Case Study 3.1: The Speed Dating Studies — What We Say We Want vs. What We Actually Choose

Background

In 2005, psychologists Eli Finkel and Paul Eastwick began a research program that would quietly upend one of the most confident claims in the mate preference literature: that people's stated partner preferences are meaningful predictors of whom they actually find attractive.

Prior to their work, much of what we thought we knew about partner preferences came from survey-based methods: ask people what characteristics they want in a romantic partner, compile the results, and treat those results as evidence about human mating psychology. These surveys had generated broadly consistent findings — people said they wanted partners who were physically attractive, kind, and (with gender-moderated variation) financially successful. Evolutionary psychologists cited these results as evidence of universal mate preferences shaped by natural selection.

Finkel and Eastwick took a different approach. Rather than asking people what they want, they created conditions under which people actually chose — and then compared stated preferences to real-world choices.

The Design

Their core paradigm was speed dating: brief structured interactions, typically three to five minutes, between rotating pairs of singles. Participants completed pre-event surveys describing their ideal partner preferences — how important was physical attractiveness? earning potential? humor? emotional stability? After each interaction, participants rated the person they'd just met and indicated whether they wanted to see them again. Follow-up assessments captured longer-term romantic outcomes.
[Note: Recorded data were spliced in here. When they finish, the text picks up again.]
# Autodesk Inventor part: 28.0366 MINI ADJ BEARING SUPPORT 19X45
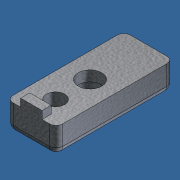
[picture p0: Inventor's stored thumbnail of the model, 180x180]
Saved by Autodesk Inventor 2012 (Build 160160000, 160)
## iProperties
Created: 2015-11
Part Number: 28.0366 MINI ADJ BEARING SUPPORT 19X45
Material: AL 6061-T6
Document SubType Name: Modeling
Designer: Admin
Density: 2.7 g/cm^3
Mass: 18.1484 g
Surface Area: 32.8227 cm^2
Volume: 6.72164 cm^3
Author: Admin
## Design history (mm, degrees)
feature "Base1"
body "Solid1"
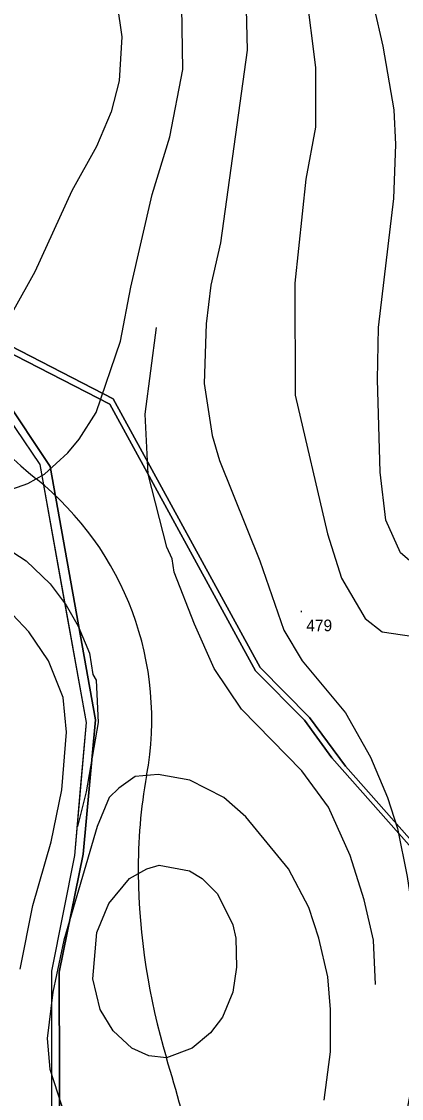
# Model space of a CAD drawing. Extents: x -510989 to -501240, y -1184665 to -1176098.
# Drawn here: x -510441 to -510244, y -1178532 to -1177973 of the extents above; entities that cross this region are included whole.
import ezdxf

# ---------------------------------------------------------------- set-up
doc = ezdxf.new("R2010")
doc.units = 0
for name, color, linetype in [('lesni_pozemek', 7, 'Continuous'), ('NAVRH_rozvodnice', 7, 'Continuous'), ('ostatni_plocha_x_ostatni_komunikace', 7, 'Continuous'), ('popis', 7, 'Continuous'), ('STAV_povodi', 7, 'Continuous'), ('vrstevnice_01', 7, 'Continuous'), ('vrstevnice_02', 7, 'Continuous'), ('vrstevnice_03', 7, 'Continuous'), ('vrstevnice_05', 7, 'Continuous')]:
    doc.layers.add(name, color=color, linetype=linetype)

msp = doc.modelspace()

# ---------------------------------------------------------------- linework, layer by layer
at = {"layer": 'lesni_pozemek'}
for points in [[(-510150.33, -1178540.25), (-510166.93, -1178518.96), (-510183.56, -1178490.36), (-510192.73, -1178464.93), (-510210.34, -1178439.16), (-510227.33, -1178410.72), (-510272.59, -1178359.57), (-510291.21, -1178334.45), (-510316.89, -1178308.41), (-510393.2, -1178168.97), (-510478.78, -1178124.83)], [(-510420.88, -1178577.47), (-510421.14, -1178466.58), (-510408.67, -1178405.28), (-510402.34, -1178335.6), (-510425.86, -1178204.15), (-510474.81, -1178130.78), (-510394.9, -1178171.72), (-510319.23, -1178310.15), (-510293.76, -1178335.76), (-510279.73, -1178355.25), (-510230.12, -1178411.23), (-510213.06, -1178439.47), (-510196.07, -1178464.34), (-510186.96, -1178488.21), (-510167.62, -1178523.59), (-510152.41, -1178542.1)]]:
    msp.add_lwpolyline(points, dxfattribs=at)
at = {"layer": 'NAVRH_rozvodnice'}
for centre, radius, start, end in [((-510303.17, -1178048.37), 207.74, 208.3463, 231.304), ((-510533.08, -1178335.38), 160, 349.5123, 51.304), ((-510118.77, -1178412.07), 261.34, 169.5123, 180.7519), ((-510030.27, -1178410.91), 349.86, 180.7519, 196.624), ((-511971.15, -1178990.4), 1675.69, 12.87549, 16.62404)]:
    msp.add_arc(centre, radius, start, end, dxfattribs=at)
at = {"layer": 'ostatni_plocha_x_ostatni_komunikace'}
for points in [[(-510441, -1179151), (-510432, -1179041), (-510433, -1179020), (-510429, -1178989), (-510426, -1178956), (-510412, -1178922), (-510407, -1178903), (-510402, -1178885), (-510400, -1178857), (-510399, -1178813), (-510391, -1178796), (-510388.94, -1178787.75), (-510387, -1178780), (-510388, -1178760), (-510384, -1178734), (-510425, -1178577), (-510425, -1178466), (-510413, -1178406), (-510407, -1178337), (-510431, -1178203), (-510507, -1178091), (-510517, -1178037), (-510522, -1177979), (-510527, -1177923)], [(-510478.78, -1178124.83), (-510393.2, -1178168.97), (-510316.89, -1178308.41), (-510291.21, -1178334.45), (-510272.59, -1178359.57), (-510227.33, -1178410.72), (-510210.34, -1178439.16), (-510192.73, -1178464.93), (-510183.56, -1178490.36), (-510166.93, -1178518.96), (-510150.33, -1178540.25)], [(-510474.81, -1178130.78), (-510425.86, -1178204.15), (-510402.34, -1178335.6), (-510408.67, -1178405.28), (-510421.14, -1178466.58), (-510420.88, -1178577.47)], [(-510152.41, -1178542.1), (-510167.62, -1178523.59), (-510186.96, -1178488.21), (-510196.07, -1178464.34), (-510213.06, -1178439.47), (-510230.12, -1178411.23), (-510279.73, -1178355.25), (-510293.76, -1178335.76), (-510319.23, -1178310.15), (-510394.9, -1178171.72), (-510474.81, -1178130.78)]]:
    msp.add_lwpolyline(points, dxfattribs=at)
at = {"layer": 'popis'}
msp.add_lwpolyline([(-510425, -1178577), (-510425, -1178521.5), (-510425, -1178466), (-510413, -1178406), (-510410, -1178371.5), (-510407, -1178337), (-510419, -1178270), (-510431, -1178203), (-510469, -1178147)], dxfattribs=at)
at = {"layer": 'STAV_povodi'}
for centre, radius, start, end in [((-510303.17, -1178048.37), 207.74, 208.3463, 231.304), ((-510533.08, -1178335.38), 160, 349.5123, 51.304), ((-510118.77, -1178412.07), 261.34, 169.5123, 180.7519), ((-510030.27, -1178410.91), 349.86, 180.7519, 196.624), ((-511971.15, -1178990.4), 1675.69, 12.87549, 16.62404)]:
    msp.add_arc(centre, radius, start, end, dxfattribs=at)
at = {"layer": 'vrstevnice_01'}
for points in [[(-510402.5, -1177885), (-510388.69, -1177981), (-510390.09, -1178004), (-510394.19, -1178020), (-510401.69, -1178038), (-510414.5, -1178061), (-510433.69, -1178103), (-510444.91, -1178123), (-510449.69, -1178128), (-510460.81, -1178137), (-510467.19, -1178141), (-510486, -1178147), (-510498.19, -1178147), (-510511.41, -1178143), (-510527.41, -1178134), (-510543.41, -1178119), (-510553.09, -1178103), (-510558.59, -1178091), (-510567.09, -1178064), (-510581.91, -1177990), (-510587.31, -1177971)], [(-510325.5, -1177910), (-510323.5, -1177988), (-510337.41, -1178088), (-510342.41, -1178110), (-510344.91, -1178130), (-510345.91, -1178161), (-510341.81, -1178188), (-510338, -1178201), (-510317.09, -1178253), (-510304.5, -1178289), (-510295.09, -1178305), (-510272.59, -1178332), (-510259.59, -1178355), (-510250.81, -1178376), (-510245.59, -1178392), (-510240.5, -1178417), (-510235.09, -1178454), (-510233.81, -1178479), (-510237, -1178518), (-510241.91, -1178545)], [(-510149, -1178541), (-510146.69, -1178503), (-510151.81, -1178450), (-510152.69, -1178402), (-510156.81, -1178370), (-510166.91, -1178336), (-510182.81, -1178302), (-510194.59, -1178268), (-510199.19, -1178262), (-510208, -1178257), (-510214, -1178256), (-510230.59, -1178257), (-510238.19, -1178254), (-510244.09, -1178249), (-510251.59, -1178232), (-510254.5, -1178207), (-510255.91, -1178159), (-510255.41, -1178132), (-510247.41, -1178065), (-510246.41, -1178037), (-510247.31, -1178019), (-510253.09, -1177986), (-510262.41, -1177945)], [(-510441.41, -1178465), (-510434.81, -1178432), (-510425.31, -1178399), (-510419.81, -1178372), (-510417.31, -1178342), (-510419.09, -1178324), (-510426.69, -1178305), (-510436.81, -1178290), (-510454.09, -1178272)], [(-510353.59, -1178414), (-510347, -1178418), (-510339, -1178426), (-510331, -1178442), (-510329.41, -1178449), (-510329.19, -1178464), (-510331, -1178477), (-510336.41, -1178490), (-510342.59, -1178498), (-510352.19, -1178506), (-510365.5, -1178511), (-510374.59, -1178510), (-510383.41, -1178506), (-510393.09, -1178497), (-510399.81, -1178486), (-510403.59, -1178470), (-510401.59, -1178446), (-510395.31, -1178431), (-510384.59, -1178418), (-510375.59, -1178413), (-510369.31, -1178411), (-510353.59, -1178414)]]:
    msp.add_lwpolyline(points, dxfattribs=at)
at = {"layer": 'vrstevnice_02'}
for points in [[(-510410.81, -1178190), (-510401.91, -1178176), (-510389.31, -1178139), (-510384, -1178111), (-510372.91, -1178063), (-510363.69, -1178033), (-510357, -1177998), (-510358.09, -1177933)], [(-510293.09, -1177957), (-510288.09, -1177997), (-510288.19, -1178028), (-510293.09, -1178055), (-510298.91, -1178109), (-510298.69, -1178167), (-510281.91, -1178239), (-510274.69, -1178262), (-510262.41, -1178283), (-510253.59, -1178290), (-510232.41, -1178293), (-510224.31, -1178299), (-510221.31, -1178302), (-510214.19, -1178316), (-510198, -1178376), (-510192.81, -1178408), (-510189.81, -1178442), (-510189.59, -1178476), (-510191.5, -1178517), (-510196.09, -1178546)], [(-510618.41, -1177967), (-510608.69, -1177988), (-510604.81, -1177999), (-510598.19, -1178036), (-510596.09, -1178088), (-510593.91, -1178114), (-510588.59, -1178135), (-510581.81, -1178151), (-510564.69, -1178174), (-510556.31, -1178182), (-510535.5, -1178196), (-510519.09, -1178204), (-510477.19, -1178219), (-510468.91, -1178221), (-510457.69, -1178220), (-510437.41, -1178213), (-510428.69, -1178208), (-510416.69, -1178197), (-510410.81, -1178190)], [(-510283.69, -1178533), (-510280.31, -1178508), (-510280.41, -1178486), (-510281.81, -1178469), (-510286.31, -1178449), (-510291.59, -1178433), (-510302.19, -1178413), (-510324.19, -1178386), (-510335.69, -1178376), (-510353.31, -1178367), (-510369.81, -1178364), (-510381.69, -1178365), (-510390.19, -1178371), (-510395.19, -1178376), (-510401.41, -1178391), (-510418.69, -1178450), (-510424.5, -1178477), (-510427.31, -1178501), (-510425.91, -1178517), (-510417.81, -1178542)]]:
    msp.add_lwpolyline(points, dxfattribs=at)
at = {"layer": 'vrstevnice_03'}
for points in [[(-510256.91, -1178473), (-510258.09, -1178450), (-510262.81, -1178429), (-510270.09, -1178406), (-510281.41, -1178381), (-510295.19, -1178362), (-510326.5, -1178330), (-510340.69, -1178309), (-510351, -1178286), (-510361.5, -1178259), (-510362.5, -1178252), (-510365.31, -1178246), (-510374.91, -1178208), (-510376.5, -1178177), (-510370.59, -1178132)], [(-510481.69, -1178234), (-510463.81, -1178239), (-510452.31, -1178244), (-510438.31, -1178253), (-510425.81, -1178265), (-510417.5, -1178276), (-510411.31, -1178287), (-510405.41, -1178301), (-510403.59, -1178312), (-510401.91, -1178315), (-510400.91, -1178337), (-510407.09, -1178373), (-510411.59, -1178391)]]:
    msp.add_lwpolyline(points, dxfattribs=at)

# ---------------------------------------------------------------- texts
at = {"layer": 'vrstevnice_05'}
for s, p in [('.', (-510296.59, -1178279.82)), ('479', (-510292.88, -1178289.58))]:
    msp.add_text(s, height=6, dxfattribs=at).set_placement(p)

doc.saveas('drawing.dxf')

The crucial methodological innovation was this: by comparing pre-event stated preferences to post-event attraction ratings, they could test whether people who said they valued, for instance, physical attractiveness actually showed stronger attraction to physically attractive partners than people who rated attractiveness as less important. This is a direct behavioral test of whether preferences predict choices.

The Key Findings

The results were striking and, to many researchers, surprising. Stated partner preferences showed essentially no correlation with actual romantic interest in specific individuals encountered in the speed-dating context. People who said physical attractiveness was paramount showed no stronger tendency to prefer attractive partners than people who said it mattered less. People who said they wanted an ambitious partner did not show stronger interest in partners who were (objectively rated as) more ambitious.

What did predict romantic interest? Individual difference variables that people rarely listed as explicit preferences: how physically attractive the person was judged to be by a group of raters (though this predicted ratings for everyone, not specifically for people who said they valued attractiveness), and — interestingly — how enthusiastic and energetic the person seemed during the brief interaction.

Why the Design Works

The speed dating paradigm has several features that give its findings higher ecological validity than typical laboratory tasks. Participants are genuine singles who believe they may be meeting real potential partners; the stakes feel real. The interaction, while brief, is dynamic and bilateral — unlike rating a photograph. The outcome measure (desire to see the person again) is a genuine behavioral choice rather than a Likert-scale rating. And the context, while somewhat artificial, bears more resemblance to real social encounters than most laboratory attraction paradigms.

Finkel and Eastwick also used this platform to test the "matching hypothesis" — the idea that people tend to end up with partners of roughly equivalent social desirability. In the speed-dating context, the matching effect largely disappeared: people with high and low desirability showed similar preference patterns in who they wanted to see again; it was only in who wanted to see them that high-desirability individuals differed.

Methodological Limits That Remain

Speed dating is not the real world. The interactions are brief and constrained by format. The settings tend to attract participants who are already relationship-motivated and willing to engage with a somewhat formal structure. Self-selection means speed daters may not represent singles broadly. And three-to-five minute interactions don't capture the processes by which attraction typically develops in ongoing social relationships — through repeated exposure, shared experience, and the gradual discovery of compatibility.

The research also concentrated heavily on heterosexual participants; same-sex speed-dating designs have produced broadly similar findings, but the dataset is much smaller.

Discussion Questions

  1. How does the Finkel-Eastwick finding about stated preferences versus actual choices relate to the methodological distinction between self-report and behavioral measures discussed in Chapter 3? What does it suggest about the limits of preference surveys?
  2. Speed dating is an improvement on many laboratory paradigms but still not the real world. What methodological design could you imagine that would have even higher ecological validity? What would you sacrifice?
  3. The matching hypothesis was tested and found to be weaker in speed-dating contexts than in real relationship formation. What does this suggest about the importance of research context for attraction findings?